START Records supplied
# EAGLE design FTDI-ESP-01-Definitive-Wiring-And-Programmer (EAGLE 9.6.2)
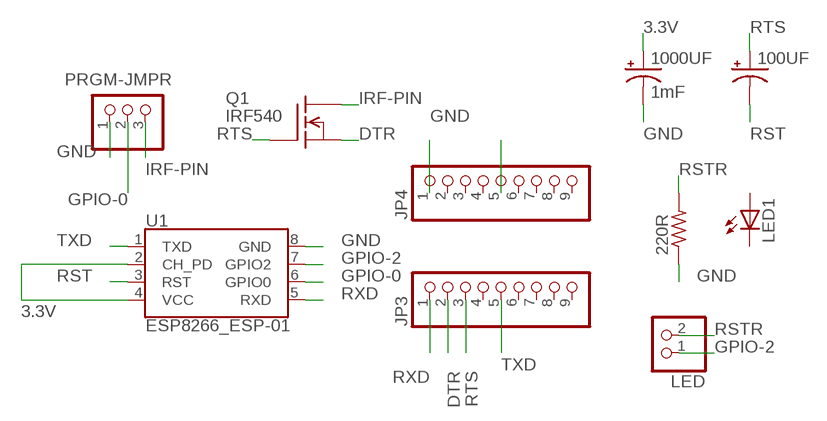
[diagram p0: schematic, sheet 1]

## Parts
100UF  CPOL-USE3.5-8  [E3,5-8]
220R  R-US_0207/2V  [0207/2V]
1000UF  1mF  1000UF-RADIAL-5MM-25V-20%  [CPOL-RADIAL-5MM-10MM]
JP3  PINHD-1X9  [1X09]
JP4  PINHD-1X9  [1X09]
LED  PINHD-1X2  [1X02]
LED1  LED5MM  [LED5MM]
PRGM-JMPR  PINHD-1X3  [1X03]
Q1  IRF540  [TO220]
U1  ESP8266_ESP-01  [ESP8266_ESP-01]

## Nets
3.3V: 1000UF.+ JP4.5 U1.2(CH_PD) U1.4(VCC)
DTR: JP3.2 Q1.3(S)
GND: 220R.1 1000UF.- JP4.1 PRGM-JMPR.1 U1.8(GND)
GPIO-0: PRGM-JMPR.2 U1.6(GPIO0)
GPIO-2: LED.1 U1.7(GPIO2)
IRF-PIN: PRGM-JMPR.3 Q1.2(D)
RST: 100UF.- U1.3(RST)
RSTR: 220R.2 LED.2
RTS: 100UF.+ JP3.3 Q1.1(G)
RXD: JP3.1 U1.5(RXD)
TXD: JP3.5 U1.1(TXD)
Unconnected: JP3.4 JP3.6 JP3.7 JP3.8 JP3.9 JP4.2 JP4.3 JP4.4 JP4.6 JP4.7 JP4.8 JP4.9 LED1.A LED1.K(C)

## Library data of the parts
100UF = adafruit:CPOL-US: POLARIZED CAPACITOR, American symbol
220R = adafruit:R-US_: RESISTOR, American symbol
1000UF = SparkFun-Capacitors:1000UF: 1,000µF/1mF ceramic capacitors; PROD_ID: CAP-09538
JP3 JP4 = pinhead:PINHD-1X9: PIN HEADER
LED = pinhead:PINHD-1X2: PIN HEADER
LED1 = adafruit:LED: LED
PRGM-JMPR = pinhead:PINHD-1X3: PIN HEADER
Q1 = transistor-fet:IRF540: N-Channel Enhancement MOSFET (HEXFET); 100V; 28A; 0,077Ohm
U1 = SparkFun-RF:ESP8266_ESP-01: ESP8266 ESP-01 Module The ESP8266 WiFi Module is a self contained SOC with integrated TCP/IP protocol stack that can give any microcontroller access to your WiFi network. The ESP8266 is capable of either hosting an application or offloading all Wi-Fi networking functions from another application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; SF_ID: WRL-13678

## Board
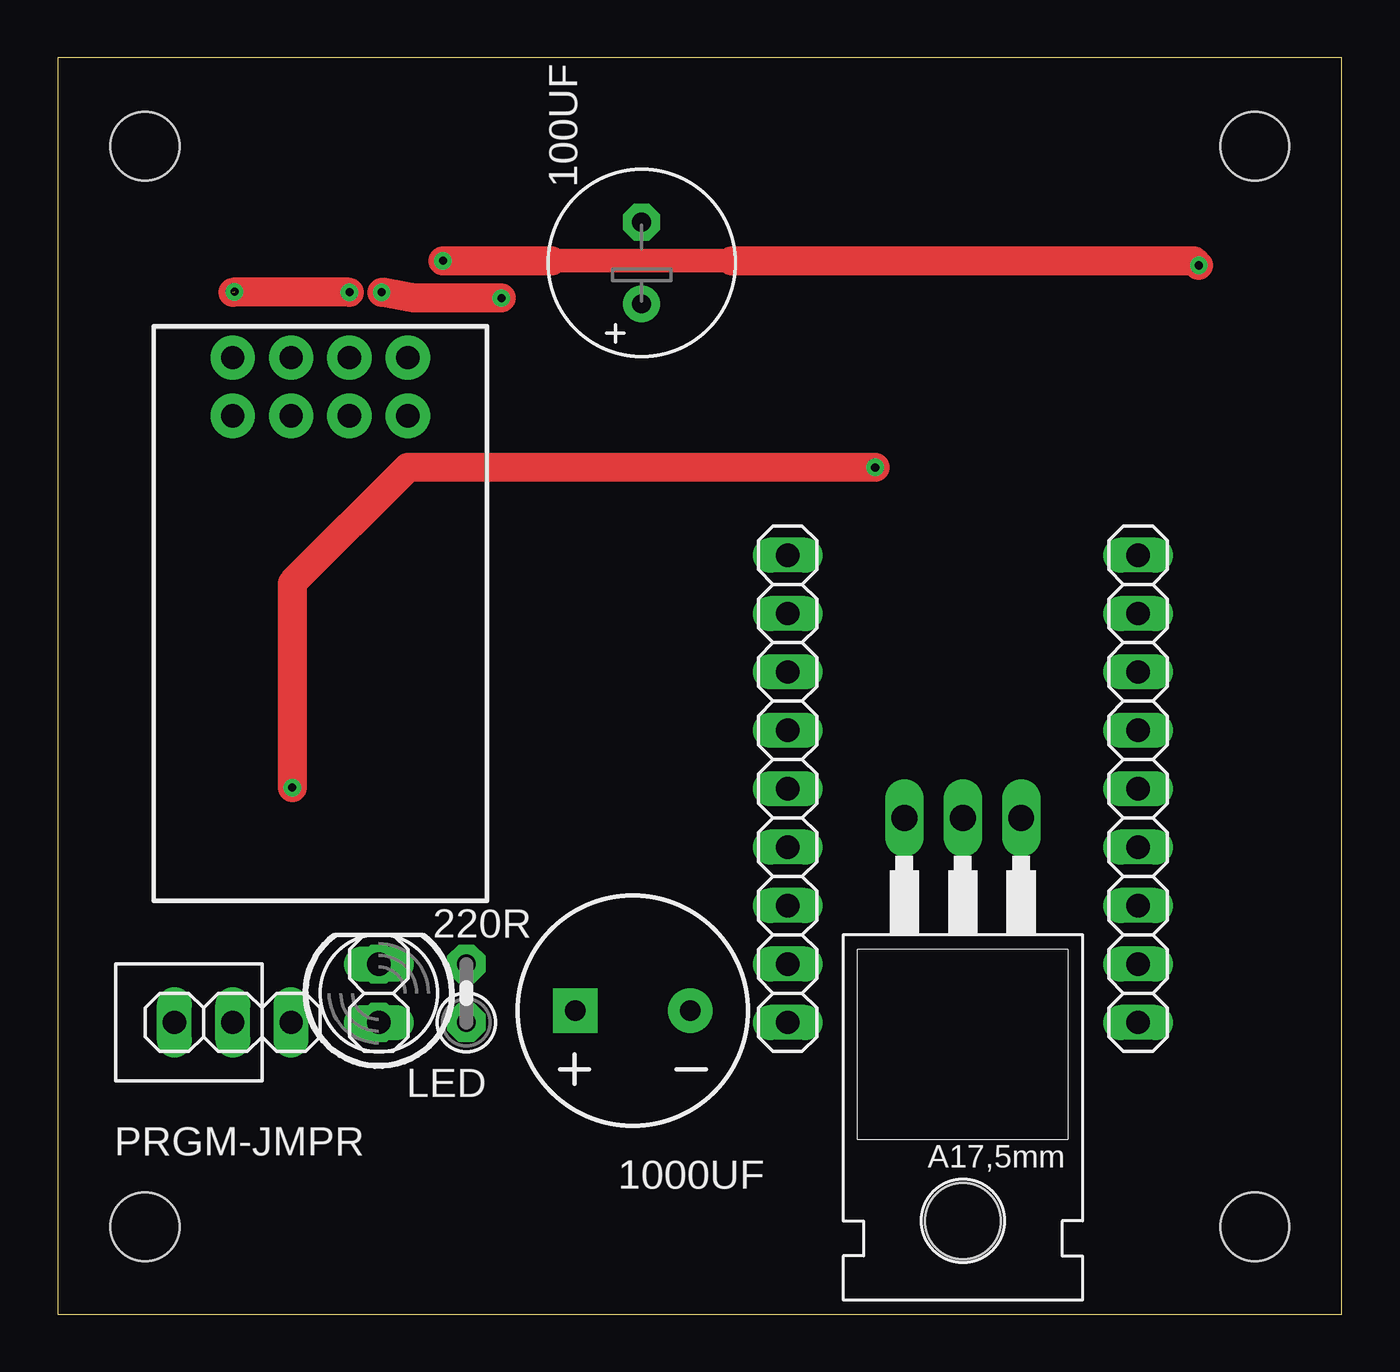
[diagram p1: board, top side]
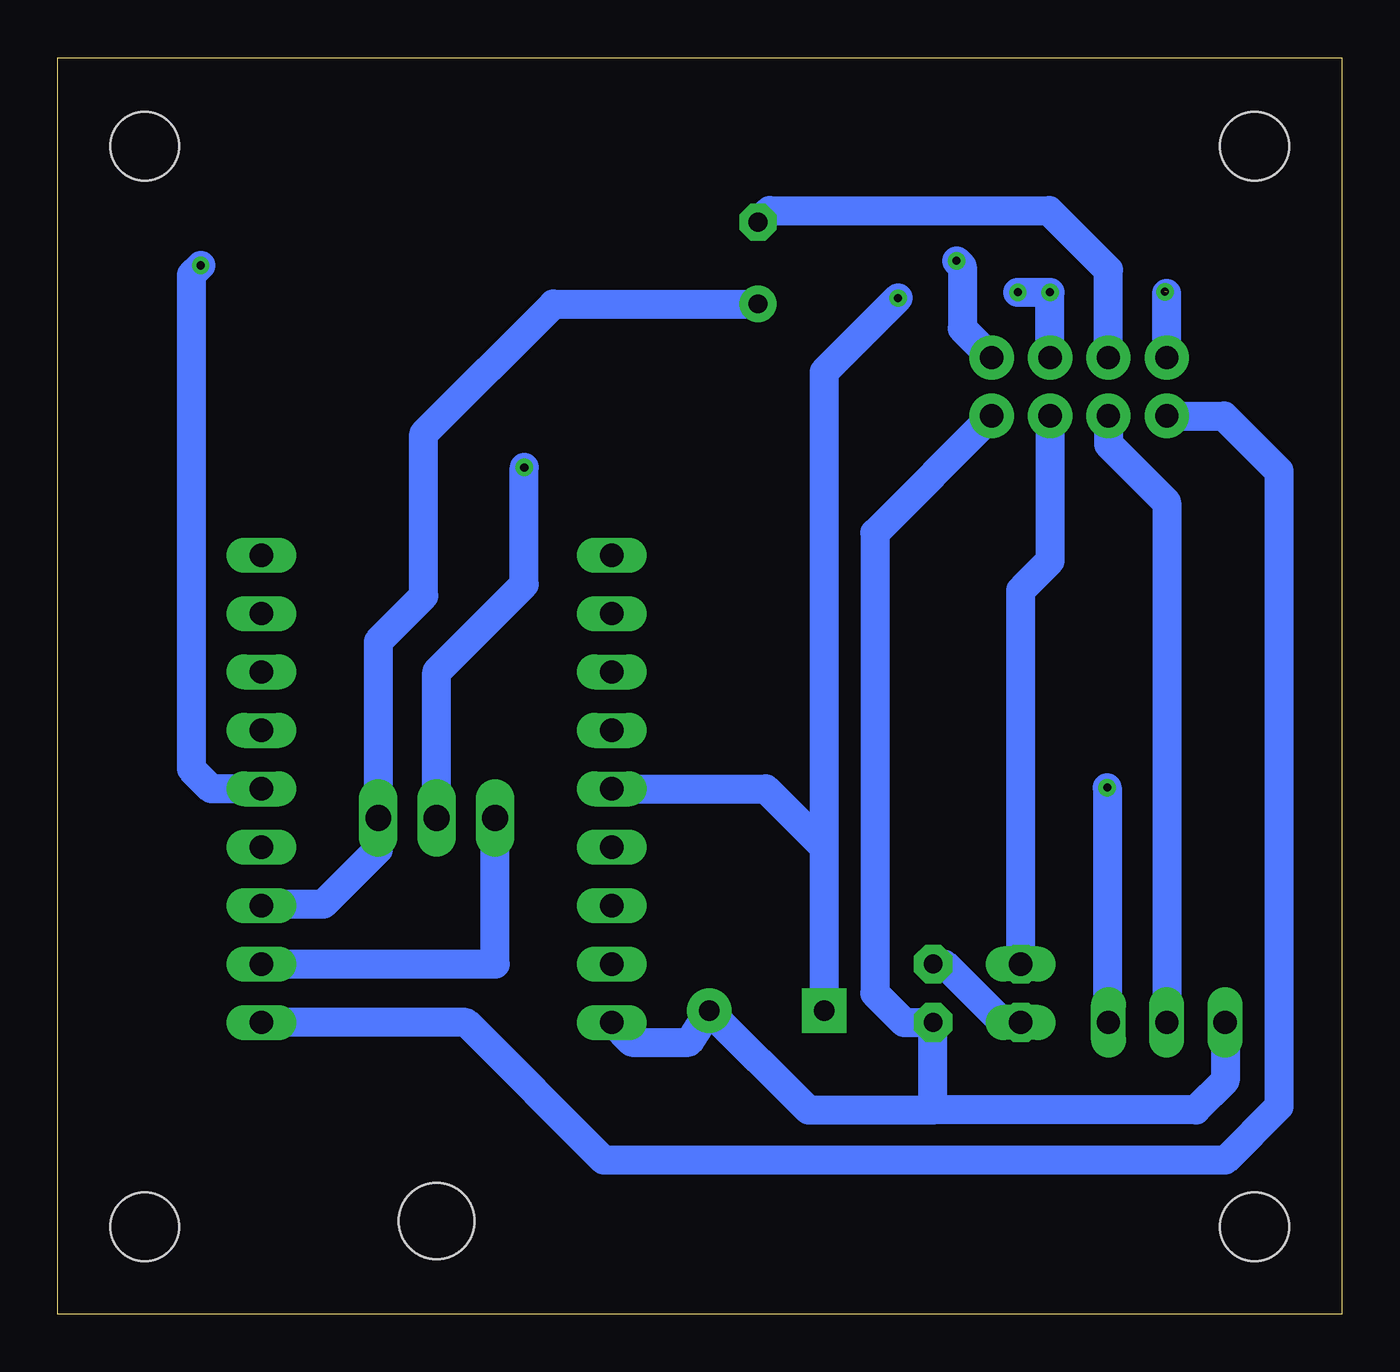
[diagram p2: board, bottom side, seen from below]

Size 55.86 x 54.66 mm. Coordinates in mm from the lower left corner, seen from the top.
Outline: 0,0 55.86,0 55.86,54.66 0,54.66 0,0
Copper layers (1*16): Top 0.035mm / dielectric 1.5mm / Bottom 0.035mm
Design rules "default": minimum track width 6mil, minimum drill 0.35mm, track to track 6mil, track to pad 6mil, pad to pad 6mil, via to via 6mil, smd to smd 6mil, copper to edge 40mil, drill to drill 6mil, minimum pad ring 10mil, minimum via ring 8mil, stop-mask expansion 4mil, vias tented up to drill 0mil, thermal gap 10mil
Holes 3 mm at 3.81,50.8 52.07,50.8 52.07,3.81 3.81,3.81

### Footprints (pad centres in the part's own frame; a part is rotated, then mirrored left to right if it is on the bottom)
E3,5-8 = drill 0.813 pad 1.6: + -1.778,0 | drill 0.813 pad 1.6 octagon: - 1.778,0
0207/2V = drill 0.813 pad 1.676 octagon: 1 -1.27,0; 2 1.27,0
CPOL-RADIAL-5MM-10MM = drill 0.9 pad 1.93 square: + 2.5,0 | drill 0.9 pad 1.93: - -2.5,0
1X09 = drill 1.016 long: 1 -10.16,0; 2 -7.62,0; 3 -5.08,0; 4 -2.54,0; 5 0,0; 6 2.54,0; 7 5.08,0; 8 7.62,0; 9 10.16,0
1X02 = drill 1.016 long: 1 -1.27,0; 2 1.27,0
LED5MM = drill 0.813 pad 1.676 octagon: A -1.27,0; K 1.27,0
1X03 = drill 1.016 long: 1 -2.54,0; 2 0,0; 3 2.54,0
TO220 = drill 1.118 long: 1 -2.54,-6.35; 2 0,-6.35; 3 2.54,-6.35 | hole 3.302: 0,11.176
ESP8266_ESP-01 = drill 1.016 pad 1.93: 1 -3.81,-11.13; 2 -1.27,-11.13; 3 1.27,-11.13; 4 3.81,-11.13; 5 3.81,-8.59; 6 1.27,-8.59; 7 -1.27,-8.59; 8 -3.81,-8.59

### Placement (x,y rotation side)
100UF  25.4,45.72 90 top
220R  17.78,13.97 90 top
1000UF  25.02,13.21 180 top
JP3  46.99,22.86 90 top
JP4  31.75,22.86 90 top
LED  13.97,13.97 270 top
LED1  13.97,13.97 90 top
PRGM-JMPR  7.62,12.7 0 top
Q1  39.37,15.24 180 top
U1  11.43,30.48 180 top

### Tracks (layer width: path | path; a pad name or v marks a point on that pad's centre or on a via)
3.3V  (via drill 0.35)  (1 unrouted)
  Top 1.27: v12.7,44.45 7.62,44.45 | v19.3,44.2 15.49,44.2 v14.1,44.45
  Bottom 0.152: 22.52,20.32 1000UF.+ 22.4,13.11 | 7.62,44.4 v7.7,44.48
  Bottom 1.27: v19.3,44.2 22.52,40.98 1000UF.+ | U1.2 v12.7,44.45 v14.1,44.45 | 22.52,20.32 25.06,22.86 JP4.5 | U1.4 7.62,44.4
DTR
  Bottom 1.27: JP3.2 36.83,15.24 Q1.3
GND
  Bottom 0.152: 17.83,12.8 220R.1 | 15.24,39.17 U1.8
  Bottom 1.27: 5.18,12.65 PRGM-JMPR.1 5.08,10.16 6.35,8.89 17.78,8.89 | JP4.1 30.89,11.84 28.4,11.84 1000UF.- 23.2,8.89 17.78,8.89 | 17.78,8.89 220R.1 19.05,12.7 20.32,13.97 20.32,33.99 U1.8
GPIO-0
  Bottom 1.27: PRGM-JMPR.2 7.62,35.31 10.16,37.85 U1.6
GPIO-2
  Bottom 0.152: 13.97,31.5 13.87,31.6
  Bottom 1.27: 13.87,31.6 12.7,32.77 U1.7 | LED.1 13.97,31.5
IRF-PIN  (via drill 0.35)
  Top 1.27: v35.56,36.83 15.24,36.83 10.21,31.8 v10.21,22.91
  Bottom 0.152: 10.21,12.8 PRGM-JMPR.3
  Bottom 1.27: v10.21,22.91 10.21,12.8 | v35.56,36.83 35.56,31.75 39.37,27.94 Q1.2
RST
  Bottom 1.27: 100UF.- 24.89,48.01 12.75,48.01 10.16,45.42 U1.3
RSTR
  Bottom 0.152: 17.3,15.24 220R.2
  Bottom 1.27: 17.3,15.24 14.86,12.8 14.02,12.8 LED.2
RTS
  Bottom 0.152: 46.94,17.83 JP3.3 | 41.91,20.22 Q1.1
  Bottom 1.27: 46.94,17.83 44.3,17.83 41.91,20.22 | 100UF.+ 34.29,43.94 39.93,38.3 39.93,31.24 41.91,29.26 Q1.1
RXD
  Bottom 1.27: U1.5 5.14,39.07 2.74,36.68 2.74,9.04 5.08,6.71 32.11,6.71 38.1,12.7 JP3.1
TXD  (via drill 0.35)
  Top 0.152: v16.76,45.82 16.77,45.83
  Top 1.016: 21.49,45.82 29.31,45.82
  Top 1.27: v49.63,45.62 49.43,45.82 29.31,45.82 | v16.76,45.82 21.49,45.82
  Bottom 0.152: v49.63,45.62 49.43,45.82
  Bottom 1.27: JP3.5 49.17,22.86 50.04,23.72 50.04,45.21 v49.63,45.62 | v16.76,45.82 16.51,45.57 16.51,42.88 U1.1

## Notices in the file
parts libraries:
SparkFun-RF: Licensing: Creative Commons ShareAlike 4.0 International - https://creativecommons.org/licenses/by-sa/4.0
END Records supplied
Retype only the stretch of lines above starting at the one with "Bottom 0.152: 22.52,20.32" and stopping at the one with "Bottom 0.152: 17.83,12.8", exactly as written, with both kept.

  Bottom 0.152: 22.52,20.32 1000UF.+ 22.4,13.11 | 7.62,44.4 v7.7,44.48
  Bottom 1.27: v19.3,44.2 22.52,40.98 1000UF.+ | U1.2 v12.7,44.45 v14.1,44.45 | 22.52,20.32 25.06,22.86 JP4.5 | U1.4 7.62,44.4
DTR
  Bottom 1.27: JP3.2 36.83,15.24 Q1.3
GND
  Bottom 0.152: 17.83,12.8 220R.1 | 15.24,39.17 U1.8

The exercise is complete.